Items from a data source
=-=-=

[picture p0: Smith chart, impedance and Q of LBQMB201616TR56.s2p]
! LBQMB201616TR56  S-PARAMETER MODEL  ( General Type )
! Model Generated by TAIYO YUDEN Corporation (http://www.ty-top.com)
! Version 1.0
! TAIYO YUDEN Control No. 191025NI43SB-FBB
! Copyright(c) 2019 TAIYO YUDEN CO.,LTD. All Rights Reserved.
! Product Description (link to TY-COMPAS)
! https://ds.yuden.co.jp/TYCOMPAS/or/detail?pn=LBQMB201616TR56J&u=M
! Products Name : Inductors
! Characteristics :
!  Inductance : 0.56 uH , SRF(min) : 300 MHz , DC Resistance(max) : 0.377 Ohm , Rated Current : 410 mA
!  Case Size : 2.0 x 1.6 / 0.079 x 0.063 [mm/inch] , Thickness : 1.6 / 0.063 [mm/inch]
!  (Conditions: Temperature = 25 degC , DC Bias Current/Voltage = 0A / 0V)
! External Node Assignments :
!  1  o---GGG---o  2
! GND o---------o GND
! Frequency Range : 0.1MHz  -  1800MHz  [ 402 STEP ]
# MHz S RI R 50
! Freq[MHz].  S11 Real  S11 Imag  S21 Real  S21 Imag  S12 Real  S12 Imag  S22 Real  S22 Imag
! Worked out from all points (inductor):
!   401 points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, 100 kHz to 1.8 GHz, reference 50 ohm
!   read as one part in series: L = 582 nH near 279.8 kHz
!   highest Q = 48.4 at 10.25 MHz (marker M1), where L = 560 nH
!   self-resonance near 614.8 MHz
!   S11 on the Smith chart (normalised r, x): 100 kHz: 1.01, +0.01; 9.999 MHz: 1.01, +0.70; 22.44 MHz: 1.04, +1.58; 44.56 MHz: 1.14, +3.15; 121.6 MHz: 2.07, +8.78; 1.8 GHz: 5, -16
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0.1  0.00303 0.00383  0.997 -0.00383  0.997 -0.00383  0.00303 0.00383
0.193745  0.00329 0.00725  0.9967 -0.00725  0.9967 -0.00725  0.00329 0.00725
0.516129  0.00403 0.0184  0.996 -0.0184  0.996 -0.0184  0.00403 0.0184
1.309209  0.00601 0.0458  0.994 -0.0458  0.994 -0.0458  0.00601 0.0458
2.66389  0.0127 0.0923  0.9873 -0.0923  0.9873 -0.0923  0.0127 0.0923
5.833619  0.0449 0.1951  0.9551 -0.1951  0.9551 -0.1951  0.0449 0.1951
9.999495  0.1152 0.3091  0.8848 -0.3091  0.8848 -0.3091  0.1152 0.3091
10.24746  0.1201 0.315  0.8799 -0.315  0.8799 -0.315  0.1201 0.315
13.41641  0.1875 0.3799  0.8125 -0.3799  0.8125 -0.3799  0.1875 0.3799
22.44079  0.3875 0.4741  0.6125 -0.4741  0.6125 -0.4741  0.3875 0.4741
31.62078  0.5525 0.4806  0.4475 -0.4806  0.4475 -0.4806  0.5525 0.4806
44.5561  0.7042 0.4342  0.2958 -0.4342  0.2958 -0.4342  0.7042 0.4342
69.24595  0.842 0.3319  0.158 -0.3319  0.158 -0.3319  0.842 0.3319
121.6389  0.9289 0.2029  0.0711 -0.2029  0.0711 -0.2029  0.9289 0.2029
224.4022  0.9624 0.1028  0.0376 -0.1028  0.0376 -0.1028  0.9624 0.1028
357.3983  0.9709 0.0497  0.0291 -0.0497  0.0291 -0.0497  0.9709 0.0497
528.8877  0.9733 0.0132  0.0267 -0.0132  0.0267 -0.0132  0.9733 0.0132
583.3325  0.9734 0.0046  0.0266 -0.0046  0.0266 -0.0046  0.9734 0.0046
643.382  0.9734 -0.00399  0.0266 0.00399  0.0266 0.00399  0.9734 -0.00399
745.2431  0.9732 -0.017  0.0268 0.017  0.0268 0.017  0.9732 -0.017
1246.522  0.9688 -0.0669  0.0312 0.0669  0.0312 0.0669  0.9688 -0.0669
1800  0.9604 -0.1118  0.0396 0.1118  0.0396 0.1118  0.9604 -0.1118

=-=-=

Work to complete » The records above should be duplicated in full, exactly as given.

Written solution »
[picture p0: Smith chart, impedance and Q of LBQMB201616TR56.s2p]
! LBQMB201616TR56  S-PARAMETER MODEL  ( General Type )
! Model Generated by TAIYO YUDEN Corporation (http://www.ty-top.com)
! Version 1.0
! TAIYO YUDEN Control No. 191025NI43SB-FBB
! Copyright(c) 2019 TAIYO YUDEN CO.,LTD. All Rights Reserved.
! Product Description (link to TY-COMPAS)
! https://ds.yuden.co.jp/TYCOMPAS/or/detail?pn=LBQMB201616TR56J&u=M
! Products Name : Inductors
! Characteristics :
!  Inductance : 0.56 uH , SRF(min) : 300 MHz , DC Resistance(max) : 0.377 Ohm , Rated Current : 410 mA
!  Case Size : 2.0 x 1.6 / 0.079 x 0.063 [mm/inch] , Thickness : 1.6 / 0.063 [mm/inch]
!  (Conditions: Temperature = 25 degC , DC Bias Current/Voltage = 0A / 0V)
! External Node Assignments :
!  1  o---GGG---o  2
! GND o---------o GND
! Frequency Range : 0.1MHz  -  1800MHz  [ 402 STEP ]
# MHz S RI R 50
! Freq[MHz].  S11 Real  S11 Imag  S21 Real  S21 Imag  S12 Real  S12 Imag  S22 Real  S22 Imag
! Worked out from all points (inductor):
!   401 points, 100 kHz to 1.8 GHz, reference 50 ohm
!   read as one part in series: L = 582 nH near 279.8 kHz
!   highest Q = 48.4 at 10.25 MHz (marker M1), where L = 560 nH
!   self-resonance near 614.8 MHz
!   S11 on the Smith chart (normalised r, x): 100 kHz: 1.01, +0.01; 9.999 MHz: 1.01, +0.70; 22.44 MHz: 1.04, +1.58; 44.56 MHz: 1.14, +3.15; 121.6 MHz: 2.07, +8.78; 1.8 GHz: 5, -16
0.1  0.00303 0.00383  0.997 -0.00383  0.997 -0.00383  0.00303 0.00383
0.193745  0.00329 0.00725  0.9967 -0.00725  0.9967 -0.00725  0.00329 0.00725
0.516129  0.00403 0.0184  0.996 -0.0184  0.996 -0.0184  0.00403 0.0184
1.309209  0.00601 0.0458  0.994 -0.0458  0.994 -0.0458  0.00601 0.0458
2.66389  0.0127 0.0923  0.9873 -0.0923  0.9873 -0.0923  0.0127 0.0923
5.833619  0.0449 0.1951  0.9551 -0.1951  0.9551 -0.1951  0.0449 0.1951
9.999495  0.1152 0.3091  0.8848 -0.3091  0.8848 -0.3091  0.1152 0.3091
10.24746  0.1201 0.315  0.8799 -0.315  0.8799 -0.315  0.1201 0.315
13.41641  0.1875 0.3799  0.8125 -0.3799  0.8125 -0.3799  0.1875 0.3799
22.44079  0.3875 0.4741  0.6125 -0.4741  0.6125 -0.4741  0.3875 0.4741
31.62078  0.5525 0.4806  0.4475 -0.4806  0.4475 -0.4806  0.5525 0.4806
44.5561  0.7042 0.4342  0.2958 -0.4342  0.2958 -0.4342  0.7042 0.4342
69.24595  0.842 0.3319  0.158 -0.3319  0.158 -0.3319  0.842 0.3319
121.6389  0.9289 0.2029  0.0711 -0.2029  0.0711 -0.2029  0.9289 0.2029
224.4022  0.9624 0.1028  0.0376 -0.1028  0.0376 -0.1028  0.9624 0.1028
357.3983  0.9709 0.0497  0.0291 -0.0497  0.0291 -0.0497  0.9709 0.0497
528.8877  0.9733 0.0132  0.0267 -0.0132  0.0267 -0.0132  0.9733 0.0132
583.3325  0.9734 0.0046  0.0266 -0.0046  0.0266 -0.0046  0.9734 0.0046
643.382  0.9734 -0.00399  0.0266 0.00399  0.0266 0.00399  0.9734 -0.00399
745.2431  0.9732 -0.017  0.0268 0.017  0.0268 0.017  0.9732 -0.017
1246.522  0.9688 -0.0669  0.0312 0.0669  0.0312 0.0669  0.9688 -0.0669
1800  0.9604 -0.1118  0.0396 0.1118  0.0396 0.1118  0.9604 -0.1118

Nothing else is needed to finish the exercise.